* Problem requirements
Each entry that follows should be set down precisely, with its pictures removed.

[Records from a data collection]
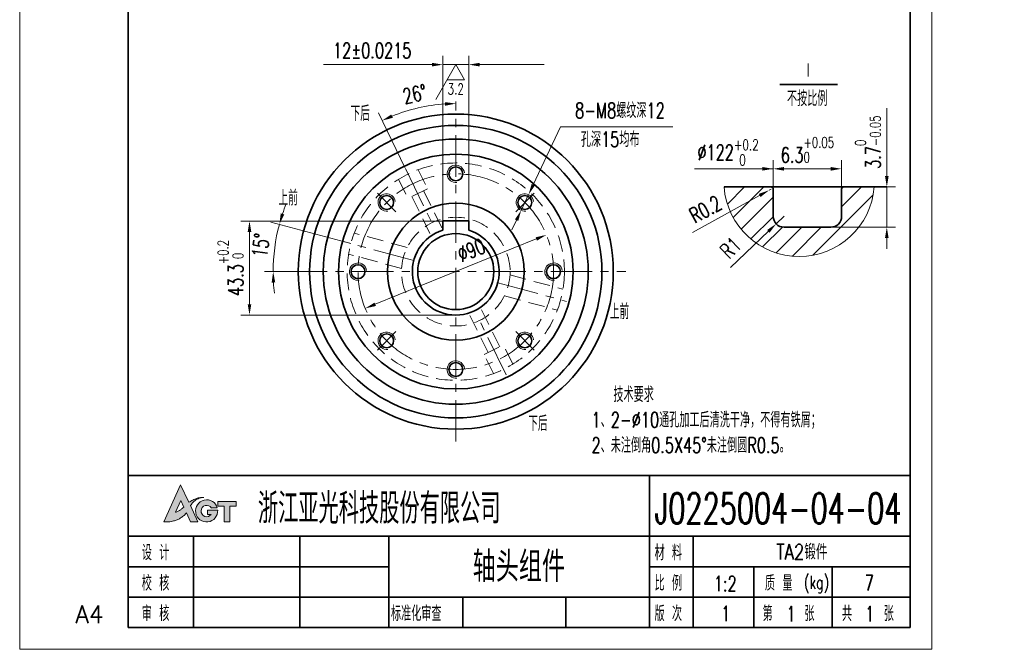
# Model space of a CAD drawing. Header units: millimetres. Extents: x -50 to 403, y -10 to 584.
# Tile 1 of 2: x -50 to 403, y -10 to 280. Entities that reach past the tile are written whole.
import ezdxf
from ezdxf.enums import TextEntityAlignment as Align

# ---------------------------------------------------------------- set-up
doc = ezdxf.new("R2010")
doc.units = ezdxf.units.MM
doc.header["$LTSCALE"] = 0.6
doc.linetypes.add('CENTER', pattern=[50.8, 31.75, -6.35, 6.35, -6.35])
doc.linetypes.add('DASHED', pattern=[19.05, 12.7, -6.35])
doc.layers.get('0').update_dxf_attribs({"lineweight": 35})
for name, color, linetype, lineweight in [('2细线层', 4, 'Continuous', 35), ('3中心线层', 1, 'CENTER', 35), ('4虚线层', 6, 'DASHED', 35), ('YGJ波浪线', 3, 'Continuous', 15), ('YGJ粗实线', 7, 'Continuous', 35), ('YGJ细实线', 3, 'Continuous', 15), ('YGJ细虚线', 2, 'DASHED', 15), ('尺寸线', 4, 'Continuous', 15), ('细实线', 2, 'Continuous', 15)]:
    doc.layers.add(name, color=color, linetype=linetype, lineweight=lineweight)
doc.layers.add('YGJ不打印图层', color=250, linetype='Continuous', lineweight=35, plot=False)
doc.styles.add('HC_GBDIM', font='romans', dxfattribs={"width": 0.667, "bigfont": 'gbcbig'})
doc.styles.add('标准', font='romans.shx', dxfattribs={"width": 0.7, "bigfont": 'hzdx.shx'})
doc.dimstyles.new('HC_GBDIM', dxfattribs={"dimtxt": 3.5, "dimasz": 2.5, "dimexe": 2, "dimexo": 0, "dimgap": 1.5, "dimtad": 1, "dimdec": 1, "dimzin": 0, "dimdsep": 46, "dimtxsty": 'HC_GBDIM', "dimcen": 2.5, "dimclrd": 3, "dimclre": 3, "dimclrt": 2, "dimadec": 0, "dimazin": 0, "dimtfac": 0.714286, "dimtdec": 1, "dimtmove": 0, "dimatfit": 3, "dimfxl": 1, "dimtzin": 0, "dimlwd": -1, "dimlwe": -1, "dimarcsym": 0})

# ---------------------------------------------------------------- blocks, each defined once
blk = doc.blocks.new('*U193')
at = {"layer": 'YGJ粗实线'}
for p, q in [((0, 0), (0, 287)), ((180, 287), (0, 287)), ((180, 287), (180, 0)), ((0, 0), (180, 0))]:
    blk.add_line(p, q, dxfattribs=at)
at = {"layer": 'YGJ细实线'}
for p, q in [((-25, -5), (-25, 292)), ((185, 292), (-25, 292)), ((185, 292), (185, -5)), ((-25, -5), (-25, 0)), ((-25, -5), (185, -5)), ((-25, -5), (0, -5))]:
    blk.add_line(p, q, dxfattribs=at)
at = {"layer": 'YGJ细虚线', "style": 'HC_GBDIM'}
blk.add_text('A4', height=4, dxfattribs=at).set_placement((-8.91, 3.04), align=Align.MIDDLE)
blk = doc.blocks.new('图标')
at = {"layer": 'YGJ细实线', "true_color": 0x0194a4}
h = blk.add_hatch(color=134, dxfattribs=at)
h.dxf.hatch_style = 1
edge = h.paths.add_edge_path()
edge.add_line((3171, -778.12), (3171.97, -780.18))
edge.add_line((3171.97, -780.18), (3173.62, -780.18))
edge.add_line((3173.62, -780.18), (3171.94, -776.47))
edge.add_spline(control_points=[(3171.94, -776.47), (3172.04, -776.33), (3172.28, -776.01), (3172.66, -775.54), (3173.17, -775.17), (3173.69, -774.88), (3174.3, -774.67), (3174.74, -774.61), (3174.99, -774.57)], knot_values=[0, 0, 0, 0, 0.506127, 1.21303, 1.808166, 2.393737, 2.961146, 3.730688, 3.730688, 3.730688, 3.730688], degree=3, periodic=0)
edge.add_spline(control_points=[(3174.99, -774.57), (3174.82, -774.57), (3174.47, -774.56), (3173.96, -774.65), (3173.44, -774.78), (3172.96, -774.98), (3172.46, -775.19), (3172.01, -775.44), (3171.7, -775.62), (3171.54, -775.71)], knot_values=[0, 0, 0, 0, 0.51474, 1.050592, 1.532108, 2.126606, 2.609842, 3.144291, 3.68733, 3.68733, 3.68733, 3.68733], degree=3, periodic=0)
edge.add_line((3171.54, -775.71), (3169.66, -771.68))
edge.add_line((3169.66, -771.68), (3165.83, -780.24))
edge.add_spline(control_points=[(3165.83, -780.24), (3166.43, -780.23), (3167.33, -780.21), (3168.46, -779.89), (3169.27, -779.6), (3169.96, -779.12), (3170.58, -778.65), (3170.88, -778.27), (3171, -778.12)], knot_values=[0, 0, 0, 0, 1.794018, 2.686483, 3.50397, 4.356695, 5.212459, 5.80159, 5.80159, 5.80159, 5.80159], degree=3, periodic=0)
edge = h.paths.add_edge_path(flags=16)
edge.add_spline(control_points=[(3170.4, -776.84), (3170.28, -776.94), (3170.07, -777.1), (3169.76, -777.36), (3169.45, -777.56), (3169.12, -777.78), (3168.79, -777.93), (3168.56, -777.98), (3168.46, -778.01)], knot_values=[0, 0, 0, 0, 0.461656, 0.781514, 1.214544, 1.57739, 1.966104, 2.284035, 2.284035, 2.284035, 2.284035], degree=3, periodic=0)
edge.add_line((3168.46, -778.01), (3169.69, -775.27))
edge.add_line((3169.69, -775.27), (3170.4, -776.84))
h = blk.add_hatch(color=134, dxfattribs=at)
h.dxf.hatch_style = 1
h.paths.add_polyline_path([(3178.21, -777.51), (3175.84, -777.51), (3175.84, -778.49), (3176.72, -778.49, -3.223034), (3176.78, -777.02), (3178.12, -777.02, 2.021246), (3175.66, -780.24, 0.434957)])
h = blk.add_hatch(color=134, dxfattribs=at)
h.dxf.hatch_style = 1
h.paths.add_polyline_path([(3178.27, -776.35), (3178.27, -776.62), (3179.71, -776.62), (3179.71, -780.24), (3181.02, -780.24), (3181.02, -776.62), (3182.47, -776.62), (3182.47, -775.51), (3178.27, -775.51)])
at = {"layer": 'YGJ细实线', "color": 134, "true_color": 0x0194a4}
for p, q in [((3165.83, -780.24), (3169.66, -771.68)), ((3171.54, -775.71), (3169.66, -771.68)), ((3168.46, -778.01), (3169.69, -775.27)), ((3170.4, -776.84), (3169.69, -775.27)), ((3173.62, -780.18), (3171.94, -776.47)), ((3176.78, -777.02), (3178.12, -777.02)), ((3178.27, -775.51), (3182.47, -775.51)), ((3178.27, -775.51), (3178.27, -776.35)), ((3178.27, -775.51), (3178.27, -776.62)), ((3178.27, -776.62), (3179.71, -776.62)), ((3179.71, -776.62), (3179.71, -780.24)), ((3181.02, -776.62), (3182.47, -776.62)), ((3181.02, -776.62), (3181.02, -780.24)), ((3182.47, -775.51), (3182.47, -776.62)), ((3171.97, -780.18), (3171, -778.12)), ((3175.84, -778.49), (3175.84, -777.51)), ((3175.84, -777.51), (3178.21, -777.51)), ((3175.84, -778.49), (3176.72, -778.49)), ((3171.97, -780.18), (3173.62, -780.18)), ((3179.71, -780.24), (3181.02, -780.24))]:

* Reply to the task
# Model space of a CAD drawing. Header units: millimetres. Extents: x -50 to 403, y -10 to 584.
# Tile 1 of 2: x -50 to 403, y -10 to 280. Entities that reach past the tile are written whole.
import ezdxf
from ezdxf.enums import TextEntityAlignment as Align

# ---------------------------------------------------------------- set-up
doc = ezdxf.new("R2010")
doc.units = ezdxf.units.MM
doc.header["$LTSCALE"] = 0.6
doc.linetypes.add('CENTER', pattern=[50.8, 31.75, -6.35, 6.35, -6.35])
doc.linetypes.add('DASHED', pattern=[19.05, 12.7, -6.35])
doc.layers.get('0').update_dxf_attribs({"lineweight": 35})
for name, color, linetype, lineweight in [('2细线层', 4, 'Continuous', 35), ('3中心线层', 1, 'CENTER', 35), ('4虚线层', 6, 'DASHED', 35), ('YGJ波浪线', 3, 'Continuous', 15), ('YGJ粗实线', 7, 'Continuous', 35), ('YGJ细实线', 3, 'Continuous', 15), ('YGJ细虚线', 2, 'DASHED', 15), ('尺寸线', 4, 'Continuous', 15), ('细实线', 2, 'Continuous', 15)]:
    doc.layers.add(name, color=color, linetype=linetype, lineweight=lineweight)
doc.layers.add('YGJ不打印图层', color=250, linetype='Continuous', lineweight=35, plot=False)
doc.styles.add('HC_GBDIM', font='romans', dxfattribs={"width": 0.667, "bigfont": 'gbcbig'})
doc.styles.add('标准', font='romans.shx', dxfattribs={"width": 0.7, "bigfont": 'hzdx.shx'})
doc.dimstyles.new('HC_GBDIM', dxfattribs={"dimtxt": 3.5, "dimasz": 2.5, "dimexe": 2, "dimexo": 0, "dimgap": 1.5, "dimtad": 1, "dimdec": 1, "dimzin": 0, "dimdsep": 46, "dimtxsty": 'HC_GBDIM', "dimcen": 2.5, "dimclrd": 3, "dimclre": 3, "dimclrt": 2, "dimadec": 0, "dimazin": 0, "dimtfac": 0.714286, "dimtdec": 1, "dimtmove": 0, "dimatfit": 3, "dimfxl": 1, "dimtzin": 0, "dimlwd": -1, "dimlwe": -1, "dimarcsym": 0})

# ---------------------------------------------------------------- blocks, each defined once
blk = doc.blocks.new('*U193')
at = {"layer": 'YGJ粗实线'}
for p, q in [((0, 0), (0, 287)), ((180, 287), (0, 287)), ((180, 287), (180, 0)), ((0, 0), (180, 0))]:
    blk.add_line(p, q, dxfattribs=at)
at = {"layer": 'YGJ细实线'}
for p, q in [((-25, -5), (-25, 292)), ((185, 292), (-25, 292)), ((185, 292), (185, -5)), ((-25, -5), (-25, 0)), ((-25, -5), (185, -5)), ((-25, -5), (0, -5))]:
    blk.add_line(p, q, dxfattribs=at)
at = {"layer": 'YGJ细虚线', "style": 'HC_GBDIM'}
blk.add_text('A4', height=4, dxfattribs=at).set_placement((-8.91, 3.04), align=Align.MIDDLE)
blk = doc.blocks.new('图标')
at = {"layer": 'YGJ细实线', "true_color": 0x0194a4}
h = blk.add_hatch(color=134, dxfattribs=at)
h.dxf.hatch_style = 1
edge = h.paths.add_edge_path()
edge.add_line((3171, -778.12), (3171.97, -780.18))
edge.add_line((3171.97, -780.18), (3173.62, -780.18))
edge.add_line((3173.62, -780.18), (3171.94, -776.47))
edge.add_spline(control_points=[(3171.94, -776.47), (3172.04, -776.33), (3172.28, -776.01), (3172.66, -775.54), (3173.17, -775.17), (3173.69, -774.88), (3174.3, -774.67), (3174.74, -774.61), (3174.99, -774.57)], knot_values=[0, 0, 0, 0, 0.506127, 1.21303, 1.808166, 2.393737, 2.961146, 3.730688, 3.730688, 3.730688, 3.730688], degree=3, periodic=0)
edge.add_spline(control_points=[(3174.99, -774.57), (3174.82, -774.57), (3174.47, -774.56), (3173.96, -774.65), (3173.44, -774.78), (3172.96, -774.98), (3172.46, -775.19), (3172.01, -775.44), (3171.7, -775.62), (3171.54, -775.71)], knot_values=[0, 0, 0, 0, 0.51474, 1.050592, 1.532108, 2.126606, 2.609842, 3.144291, 3.68733, 3.68733, 3.68733, 3.68733], degree=3, periodic=0)
edge.add_line((3171.54, -775.71), (3169.66, -771.68))
edge.add_line((3169.66, -771.68), (3165.83, -780.24))
edge.add_spline(control_points=[(3165.83, -780.24), (3166.43, -780.23), (3167.33, -780.21), (3168.46, -779.89), (3169.27, -779.6), (3169.96, -779.12), (3170.58, -778.65), (3170.88, -778.27), (3171, -778.12)], knot_values=[0, 0, 0, 0, 1.794018, 2.686483, 3.50397, 4.356695, 5.212459, 5.80159, 5.80159, 5.80159, 5.80159], degree=3, periodic=0)
edge = h.paths.add_edge_path(flags=16)
edge.add_spline(control_points=[(3170.4, -776.84), (3170.28, -776.94), (3170.07, -777.1), (3169.76, -777.36), (3169.45, -777.56), (3169.12, -777.78), (3168.79, -777.93), (3168.56, -777.98), (3168.46, -778.01)], knot_values=[0, 0, 0, 0, 0.461656, 0.781514, 1.214544, 1.57739, 1.966104, 2.284035, 2.284035, 2.284035, 2.284035], degree=3, periodic=0)
edge.add_line((3168.46, -778.01), (3169.69, -775.27))
edge.add_line((3169.69, -775.27), (3170.4, -776.84))
h = blk.add_hatch(color=134, dxfattribs=at)
h.dxf.hatch_style = 1
h.paths.add_polyline_path([(3178.21, -777.51), (3175.84, -777.51), (3175.84, -778.49), (3176.72, -778.49, -3.223034), (3176.78, -777.02), (3178.12, -777.02, 2.021246), (3175.66, -780.24, 0.434957)])
h = blk.add_hatch(color=134, dxfattribs=at)
h.dxf.hatch_style = 1
h.paths.add_polyline_path([(3178.27, -776.35), (3178.27, -776.62), (3179.71, -776.62), (3179.71, -780.24), (3181.02, -780.24), (3181.02, -776.62), (3182.47, -776.62), (3182.47, -775.51), (3178.27, -775.51)])
at = {"layer": 'YGJ细实线', "color": 134, "true_color": 0x0194a4}
for p, q in [((3165.83, -780.24), (3169.66, -771.68)), ((3171.54, -775.71), (3169.66, -771.68)), ((3168.46, -778.01), (3169.69, -775.27)), ((3170.4, -776.84), (3169.69, -775.27)), ((3173.62, -780.18), (3171.94, -776.47)), ((3176.78, -777.02), (3178.12, -777.02)), ((3178.27, -775.51), (3182.47, -775.51)), ((3178.27, -775.51), (3178.27, -776.35)), ((3178.27, -775.51), (3178.27, -776.62)), ((3178.27, -776.62), (3179.71, -776.62)), ((3179.71, -776.62), (3179.71, -780.24)), ((3181.02, -776.62), (3182.47, -776.62)), ((3181.02, -776.62), (3181.02, -780.24)), ((3182.47, -775.51), (3182.47, -776.62)), ((3171.97, -780.18), (3171, -778.12)), ((3175.84, -778.49), (3175.84, -777.51)), ((3175.84, -777.51), (3178.21, -777.51)), ((3175.84, -778.49), (3176.72, -778.49)), ((3171.97, -780.18), (3173.62, -780.18)), ((3179.71, -780.24), (3181.02, -780.24))]:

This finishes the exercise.